Phylogenetic tree of S. Enteritidis isolates from clinical and non-clinical (poultry) sources in Florida, collected during 2017–2018, including four cgMLST HC5 clusters with isolates from both sources. Nodes are labeled with bootstrap support (≥70%). Tips are labeled by PNUSA number (clinical isolates, dots), FSIS number (non-clinical isolates, triangles), isolate date and outbreak code (when available), and are colored by HC5 cluster.

Figure 8

Phylogenetic tree of S. Enteritidis isolates clustered in HC5 614 cluster from clinical sources in Florida and non-clinical (poultry) sources in the USA, collected during 2017–2018. Nodes are labeled with bootstrap support (≥70%).
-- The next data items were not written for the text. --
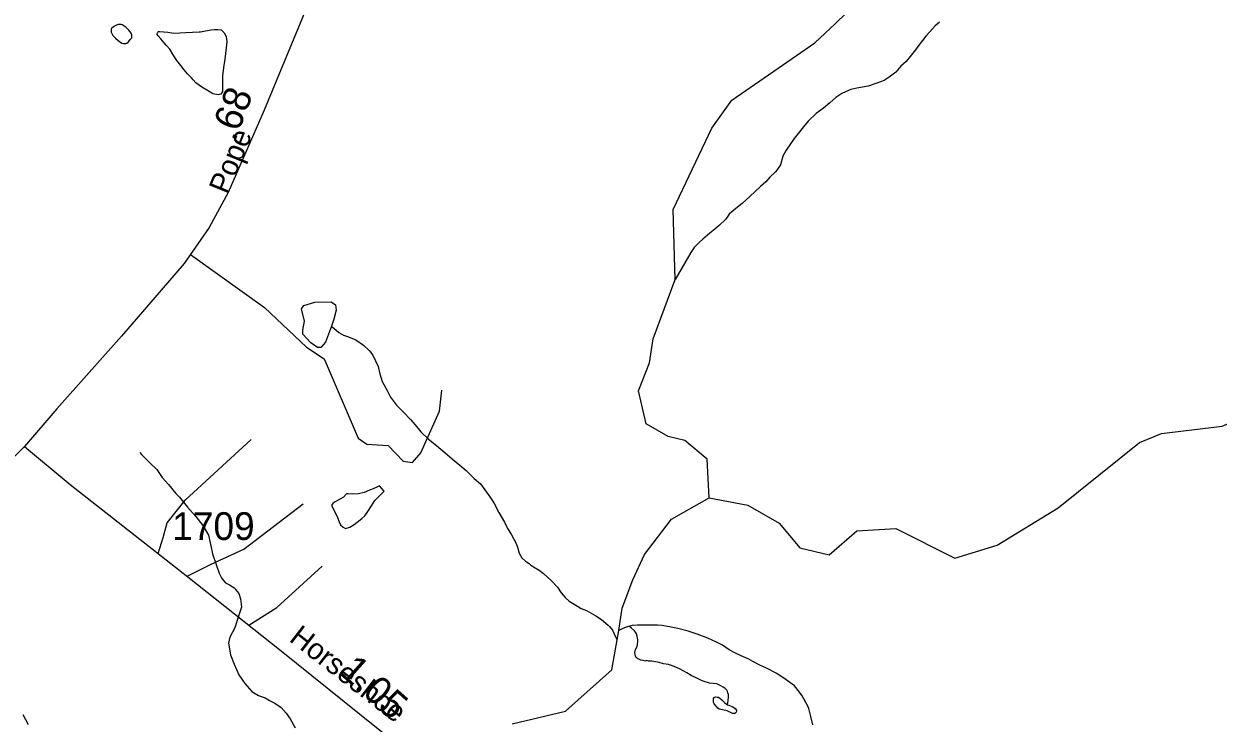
# Model space of a CAD drawing. Extents: x 2056842 to 2160602, y 826753 to 1016856.
# Drawn here: x 2104528 to 2109914, y 852692 to 855845 of the extents above; entities that cross this region are included whole.
import ezdxf

# ---------------------------------------------------------------- set-up
doc = ezdxf.new("R2010")
doc.units = 0
for name, color, linetype in [('Exist Hydrographic Creek Single Shore', 7, 'Continuous'), ('Exist Hydrographic Misc Water Feature', 7, 'Continuous'), ('Exist Road Non-System Type 51', 7, 'Continuous'), ('Exist Road Secondary Mileage Hundredths English Label', 7, 'Continuous'), ('Exist Road Secondary Type 51 Attributed', 7, 'Continuous'), ('Exist Road Secondary Type 51 Label', 7, 'Continuous'), ('Exist Road Secondary Type 51 Number Label', 7, 'Continuous')]:
    doc.layers.add(name, color=color, linetype=linetype)

msp = doc.modelspace()

# ---------------------------------------------------------------- linework, layer by layer
at = {"layer": 'Exist Hydrographic Creek Single Shore'}
for points in [[(2107465, 854692), (2107455.9, 855007.2), (2107630, 855374.3), (2107720.9, 855500.4), (2108094.9, 855758.5), (2108187.8, 855846.8), (2108236, 855893.4), (2108344, 856052), (2108451.9, 856335.1), (2108556.5, 856612), (2108556.5, 856741.2), (2108527.4, 856852.7), (2108518.6, 856951), (2108541.5, 857002.4), (2108633.4, 857122.7), (2108727.9, 857241.6), (2108939.9, 857470.2), (2108988.9, 857561), (2109048.2, 857657.4)], [(2107349.9, 854317.1), (2107365.9, 854425), (2107465, 854692)], [(2107333.9, 854041.8), (2107299.9, 854190.1), (2107349.9, 854317.1)], [(2107509, 853966), (2107434, 853983.9), (2107333.9, 854041.8)], [(2107617.9, 853707.9), (2107608.9, 853881.9), (2107509, 853966)], [(2106730.1, 852689.3), (2106971, 852746.7), (2107178.9, 852932.7), (2107203.4, 853067.7), (2107210.8, 853109.6), (2107226.7, 853210), (2107273.9, 853337.9), (2107327.1, 853451.9), (2107448.7, 853611.5), (2107617.9, 853707.9)]]:
    msp.add_lwpolyline(points, dxfattribs=at)
at = {"layer": 'Exist Hydrographic Misc Water Feature'}
for points in [[(2108658, 855851.6), (2108638.3, 855835.5), (2108614.3, 855809.5), (2108596.1, 855789.5), (2108580.5, 855769.6), (2108564.3, 855749.3), (2108548.5, 855727.4), (2108524.7, 855697.3), (2108507.1, 855675.2), (2108482.9, 855653.3), (2108460.8, 855627), (2108431, 855604.7), (2108407.2, 855588.9), (2108375, 855576.7), (2108335.3, 855564.5)], [(2104991.3, 855758.3), (2104999.1, 855764.4), (2105007.1, 855774.2), (2105015.3, 855782.3), (2105015.1, 855786.3), (2105015.1, 855794.4), (2105012.8, 855798.4), (2105011.4, 855802.3), (2105006.9, 855808.2), (2105000.9, 855816.4), (2104994.8, 855822.3), (2104986.8, 855830.4), (2104971, 855840.1), (2104967.1, 855842.3), (2104962.8, 855842.1), (2104956.8, 855842.2), (2104952.9, 855842), (2104948.8, 855840.2), (2104938.8, 855836), (2104931, 855829.9), (2104922.8, 855823.8), (2104920.7, 855820.1), (2104920.7, 855814), (2104920.9, 855807.9), (2104922.8, 855803.9), (2104929.4, 855792), (2104941, 855780.1), (2104953.3, 855770.1), (2104969.1, 855758), (2104977.3, 855756.3), (2104983.3, 855756.3), (2104987.2, 855756.1), (2104991.3, 855758.3)], [(2105283.9, 855601.1), (2105265.4, 855618.9), (2105251.1, 855636.9), (2105235.3, 855657.2), (2105217.2, 855679), (2105201.3, 855705), (2105185.3, 855730.9), (2105169.1, 855748.8), (2105160.9, 855758.9), (2105145.3, 855776.8), (2105133.2, 855790.8), (2105129.1, 855796.7), (2105128.9, 855800.8), (2105131.1, 855806.5), (2105134.8, 855810.8), (2105140.8, 855810.7), (2105177.1, 855806.8), (2105204.7, 855803), (2105258.7, 855805), (2105319, 855809.3), (2105324.9, 855809.2), (2105346.8, 855813.6), (2105372.9, 855817.3), (2105386.8, 855819.7), (2105402.6, 855819.3), (2105416.8, 855817.6), (2105430.9, 855803.6), (2105440.5, 855787.6), (2105443, 855763.7), (2105438.9, 855723.7), (2105433.4, 855685.6), (2105427.4, 855647.5), (2105423.3, 855609.7), (2105423.5, 855587.7), (2105423.5, 855569.5), (2105423.5, 855557.7), (2105423.5, 855539.8), (2105415.5, 855527.6), (2105403.8, 855525.4), (2105379.9, 855529.4), (2105355.9, 855543.6), (2105329.6, 855559.3), (2105303.6, 855579.1), (2105291.9, 855593), (2105283.9, 855601.1)], [(2108335.3, 855564.5), (2108285, 855554.6), (2108257.3, 855548.3), (2108233.6, 855538.5), (2108217.4, 855530.4), (2108189.3, 855512.4), (2108163.2, 855488.3), (2108133.5, 855464), (2108101.5, 855440), (2108065.6, 855405.7), (2108043.9, 855379.8), (2108001.6, 855327.8), (2107965.8, 855275.6), (2107950.2, 855247.5), (2107940.3, 855209.6), (2107920, 855179.5), (2107892.8, 855153.2), (2107874.5, 855133.2), (2107850.5, 855111.3), (2107802.7, 855067), (2107766.9, 855035.1), (2107731.2, 855006.8), (2107709, 854986.6), (2107693, 854964.7), (2107665.2, 854936.9), (2107643.4, 854918.7), (2107621.3, 854900.5), (2107589.3, 854874.5), (2107573.3, 854858.3), (2107551.4, 854836.5), (2107535.4, 854814.1), (2107465, 854692)], [(2105914.6, 854481.3), (2105888.4, 854409.8), (2105866.8, 854385.7), (2105851.6, 854385.7), (2105821.2, 854407.3), (2105785.8, 854445.3), (2105785.8, 854463), (2105793.4, 854504.8), (2105779.5, 854559.3), (2105790.9, 854574.5), (2105840.2, 854589.7), (2105913.7, 854591), (2105932.7, 854578.3), (2105936.5, 854554.2), (2105925.1, 854513.7), (2105914.6, 854481.3)], [(2105914.6, 854481.3), (2105918.7, 854479.2), (2105936.6, 854463.5), (2105948.9, 854453.5), (2105969, 854441.6), (2105991.1, 854433.4), (2106025.4, 854419.6), (2106059.2, 854395.8), (2106084.8, 854371.7), (2106101.6, 854351.7), (2106113.3, 854326), (2106125.2, 854299.8), (2106133.6, 854266.1), (2106143.7, 854232.1), (2106167.9, 854188.3), (2106181.8, 854162.2), (2106207.6, 854126.3), (2106240, 854094.2), (2106271.8, 854060.5), (2106292.1, 854036.4), (2106318.4, 854004.8), (2106352.4, 853972.9), (2106388.3, 853943.1), (2106428.5, 853911.1), (2106470.5, 853875.1), (2106494.7, 853855.1), (2106522.8, 853831.4), (2106558.9, 853795.5), (2106587, 853771.4), (2106627, 853717.4), (2106647.1, 853685.5), (2106669.6, 853641.6), (2106695.9, 853597.8), (2106709.4, 853569.8), (2106725.6, 853543.9), (2106748, 853501.9), (2106753.7, 853486), (2106761.9, 853458), (2106773.8, 853437.9), (2106789.8, 853422.1), (2106806, 853412.4), (2106812.3, 853406.2), (2106825.9, 853396.4), (2106852.1, 853382.3), (2106871.8, 853366.3), (2106906.3, 853334.7), (2106934.4, 853304.5), (2106950.3, 853278.9), (2106968.8, 853258.7), (2106986.4, 853242.6), (2107024.6, 853219), (2107040.8, 853208.9), (2107064.6, 853199.1), (2107107, 853175.3), (2107132.8, 853159.2), (2107163, 853133.5), (2107168.7, 853127.3), (2107183.1, 853111.4), (2107195, 853083.6), (2107203.4, 853067.7)], [(2107617.9, 853707.9), (2107793, 853674.7), (2107934.9, 853593), (2108027, 853482.9), (2108159.9, 853450.6), (2108285, 853559.6), (2108459.9, 853569.1), (2108727, 853435.6), (2108918, 853494), (2109192.9, 853662.2), (2109558.9, 853956.6), (2109658, 853997.1), (2109933, 854030.8), (2110003.1, 854060.6), (2110182.9, 854150.4), (2110366, 854182.7), (2110737.9, 854185.6), (2110866, 854200.7)], [(2105050.7, 853912.8), (2105058.7, 853902.7), (2105074.7, 853886.9), (2105097.1, 853864.8), (2105127, 853835.1), (2105151.2, 853799), (2105179.3, 853767.2), (2105213.6, 853727.1), (2105229.1, 853711.3), (2105265.6, 853665.2), (2105303.8, 853623.3), (2105334.1, 853583.4), (2105360, 853539.8), (2105370.2, 853491.6), (2105377.8, 853455.9), (2105394.4, 853407.9), (2105408.4, 853368.1), (2105420.9, 853343.9), (2105436.7, 853324), (2105454.5, 853316.1), (2105478.5, 853300.3), (2105482.6, 853293.9), (2105496.5, 853276), (2105504.9, 853252), (2105507, 853228.2), (2105508.8, 853214.1), (2105495.1, 853174.4), (2105479.1, 853122.1), (2105457.2, 853079.9), (2105451.2, 853052), (2105459.6, 853000), (2105475.6, 852958.2), (2105497.8, 852910.2), (2105523.8, 852870.2), (2105556, 852834.5), (2105586.3, 852816.5), (2105616.1, 852806.7), (2105636.2, 852794.7), (2105660.2, 852782.6), (2105688.3, 852762.9), (2105710.2, 852736.9), (2105728, 852711), (2105750.8, 852671.1)], [(2105981.3, 853723.6), (2105969.4, 853711.5), (2105945.4, 853697.3), (2105929.4, 853687.6), (2105921.6, 853681.5), (2105915, 853673.6), (2105925.3, 853653.3), (2105941.5, 853619.6), (2105949.5, 853599.4), (2105955.6, 853585.4), (2105967.5, 853575.5), (2105977.6, 853569.5), (2105997.9, 853575.8), (2106017.8, 853587.8), (2106051.8, 853613.9), (2106065.8, 853626), (2106079.3, 853645.8), (2106095.5, 853671.8), (2106111.3, 853696.2), (2106127.3, 853712), (2106141, 853726.1), (2106149.2, 853734.2), (2106153.1, 853738.1), (2106131.4, 853762.1), (2106119.3, 853755.8), (2106103.1, 853748.1), (2106087.1, 853742), (2106062.9, 853731.9), (2106036.8, 853725.7), (2106011.4, 853723.8), (2105990.9, 853725.7), (2105985, 853725.8), (2105981.3, 853723.6)], [(2107255.1, 853127.7), (2107237, 853121.5), (2107222.9, 853115.5), (2107210.8, 853109.6)], [(2108086.3, 852684.4), (2108077.7, 852722.3), (2108068.1, 852758.2), (2108063.8, 852768.2), (2108045.5, 852802.2), (2108037.3, 852814.4), (2108025.4, 852832), (2108003.3, 852860.1), (2107965.6, 852887.8), (2107923.3, 852915.6), (2107877.2, 852939.7), (2107847.2, 852953.6), (2107815.1, 852969.4), (2107795, 852981.3), (2107763.2, 852995.1), (2107734.9, 853009.1), (2107708.8, 853023.2), (2107679.1, 853043.2), (2107651.2, 853057.1), (2107612.9, 853074.7), (2107564.9, 853092.5), (2107523.1, 853106.5), (2107476.9, 853118.4), (2107447, 853124.2), (2107406.6, 853132.3), (2107384.9, 853134), (2107361.1, 853134), (2107322.7, 853134.1), (2107294.6, 853133.9), (2107271, 853131.8), (2107255.1, 853127.7)], [(2107701.9, 852775.1), (2107704.1, 852793.1), (2107705.8, 852811.1), (2107705.3, 852821.3), (2107703.3, 852829.3), (2107701.9, 852835.2), (2107697.6, 852841.1), (2107689.6, 852849.2), (2107681.8, 852854.9), (2107671.7, 852860.9), (2107653.5, 852868.9), (2107619.6, 852872.8), (2107591.5, 852880.7), (2107577.8, 852886.9), (2107565.5, 852892.8), (2107537.8, 852906.7), (2107517.3, 852918.8), (2107485.3, 852936.5), (2107453.1, 852950.4), (2107435.5, 852956.3), (2107413.1, 852960.1), (2107393.3, 852965.9), (2107369.5, 852970), (2107359.4, 852971.9), (2107345.1, 852972), (2107337.3, 852974), (2107331.5, 852972.1), (2107321.3, 852974), (2107309.6, 852975.8), (2107301.4, 852979.9), (2107295.2, 852983.7), (2107291.1, 852987.9), (2107287, 852993.8), (2107285.4, 853001.7), (2107282.9, 853009.8), (2107285.2, 853017.6), (2107287, 853023.8), (2107293.2, 853037.9), (2107295.2, 853047.7), (2107297.3, 853059.6), (2107297.3, 853067.7), (2107295.2, 853075.7), (2107293.2, 853083.8), (2107290.5, 853093.9), (2107286.8, 853101.8), (2107281.1, 853107.9), (2107269, 853119.9), (2107260.6, 853125.6), (2107255.1, 853127.7)], [(2107701.9, 852775.1), (2107708, 852773), (2107722, 852767.2), (2107729.7, 852763.2), (2107735.9, 852757.4), (2107741.8, 852751.2), (2107741.8, 852747.2), (2107739.6, 852741.4), (2107734.1, 852735.4), (2107730.2, 852735.1), (2107725.9, 852735.4), (2107720.3, 852737.1), (2107699.8, 852747), (2107693.9, 852749.2), (2107686.1, 852751.2), (2107671.5, 852753), (2107663.7, 852755), (2107657.6, 852759.1), (2107650, 852768.8), (2107641.8, 852779), (2107638.1, 852786.9), (2107637.9, 852793), (2107637.7, 852803.1), (2107641.8, 852807), (2107647.5, 852810.9), (2107654.1, 852809.2), (2107660, 852809.1), (2107675.8, 852797), (2107689.8, 852783.1), (2107701.9, 852775.1)], [(2104522.5, 852731.4), (2104546.7, 852685.5)]]:
    msp.add_lwpolyline(points, dxfattribs=at)
at = {"layer": 'Exist Road Non-System Type 51'}
for points in [[(2105279, 854805), (2105612.7, 854565.7), (2105801.7, 854387), (2105882.7, 854335), (2106035.4, 853976.5), (2106074.8, 853949.5), (2106170.4, 853943.3), (2106238.9, 853872.6), (2106280.5, 853866.4), (2106317.8, 853910), (2106403, 854099.1), (2106413.4, 854192.7)], [(2105132.8, 853457), (2105155.8, 853528.6), (2105174.4, 853595.1), (2105255.4, 853697), (2105552.5, 853971.3)], [(2105264.1, 853354.2), (2105371.8, 853408.1), (2105519.2, 853476.6), (2105787.2, 853680.3)], [(2105541.8, 853133.8), (2105668.8, 853212.7), (2105872.3, 853399.7)]]:
    msp.add_lwpolyline(points, dxfattribs=at)
at = {"layer": 'Exist Road Secondary Type 51 Attributed'}
for points in [[(2106245.9, 857063.8), (2106236.6, 857029.8), (2106183.1, 856876.6), (2106067.3, 856567.4), (2105929.2, 856233.8), (2105781.2, 855865.4), (2105611.5, 855455.5), (2105448.9, 855085), (2105362.8, 854927.1), (2105251.1, 854764.4), (2104968.1, 854436.6), (2104675.8, 854108.7), (2104531, 853939.9)], [(2104531, 853939.9), (2104475.4, 853884.3), (2104195, 853532), (2103957.7, 853202.1), (2103804, 852968.2), (2103711.1, 852856.5), (2103487.8, 852631), (2103224.1, 852394.1), (2102716.8, 851951.9), (2102478.5, 851730.1), (2102423.4, 851670.8), (2102358, 851531.6), (2102161.2, 851006.3), (2102003.9, 850573.5), (2101953, 850487.2)], [(2104531, 853939.9), (2104736, 853767.9), (2105267.2, 853351.7), (2105688.3, 853017.6), (2106110.4, 852678.3), (2106218.4, 852593.1), (2106292.2, 852515.2), (2106355, 852415.9), (2106408.6, 852316.1)]]:
    msp.add_lwpolyline(points, dxfattribs=at)

# ---------------------------------------------------------------- texts
at = {"layer": 'Exist Road Secondary Mileage Hundredths English Label'}
for s, rotation, p in [('.68', 69.1405, (2105479.8, 855311)), ('1.05', 318.1576, (2105945.7, 852916.9))]:
    msp.add_text(s, height=125, rotation=rotation, dxfattribs=at).set_placement(p)
at = {"layer": 'Exist Road Secondary Type 51 Label'}
for s, rotation, p in [('Pope', 67.9137, (2105447.2, 855071.5)), ('Horseshoe', 322.2999, (2105719.6, 853064.9))]:
    msp.add_text(s, height=95, rotation=rotation, dxfattribs=at).set_placement(p)
at = {"layer": 'Exist Road Secondary Type 51 Number Label'}
msp.add_text('1709', height=125, dxfattribs=at).set_placement((2105196.8, 853517.8))

doc.saveas('drawing.dxf')

Tips are labeled by PNUSA number (clinical isolates, dots), FSIS number (poultry isolates, triangles), USA State of sample collection, and isolate date and are colored by USA State of sample collection; CA, California; GA, Georgia; NJ, New Jersey; WA, Washington; FL-Florida; MA, Massachusetts; SC, South Carolina.

Figure 9

Isolate collection time series (on x-axis for 01/01/2017-12/31/2018) of isolates (y-axis as presence of isolates*), collected from clinical sources in Florida and non-clinical (poultry) sources in the USA, faceted for 8 HC5 clusters, depicting their corresponding SNP clusters (0–4 SNP distance). Isolates are represented as circle (clinical) and triangles (poultry), text labeled by USA State of sample collection and colored by SNP cluster (numbered specific to each HC5 cluster independently). Isolates are spaced along the y-axis and names are dropped for readability.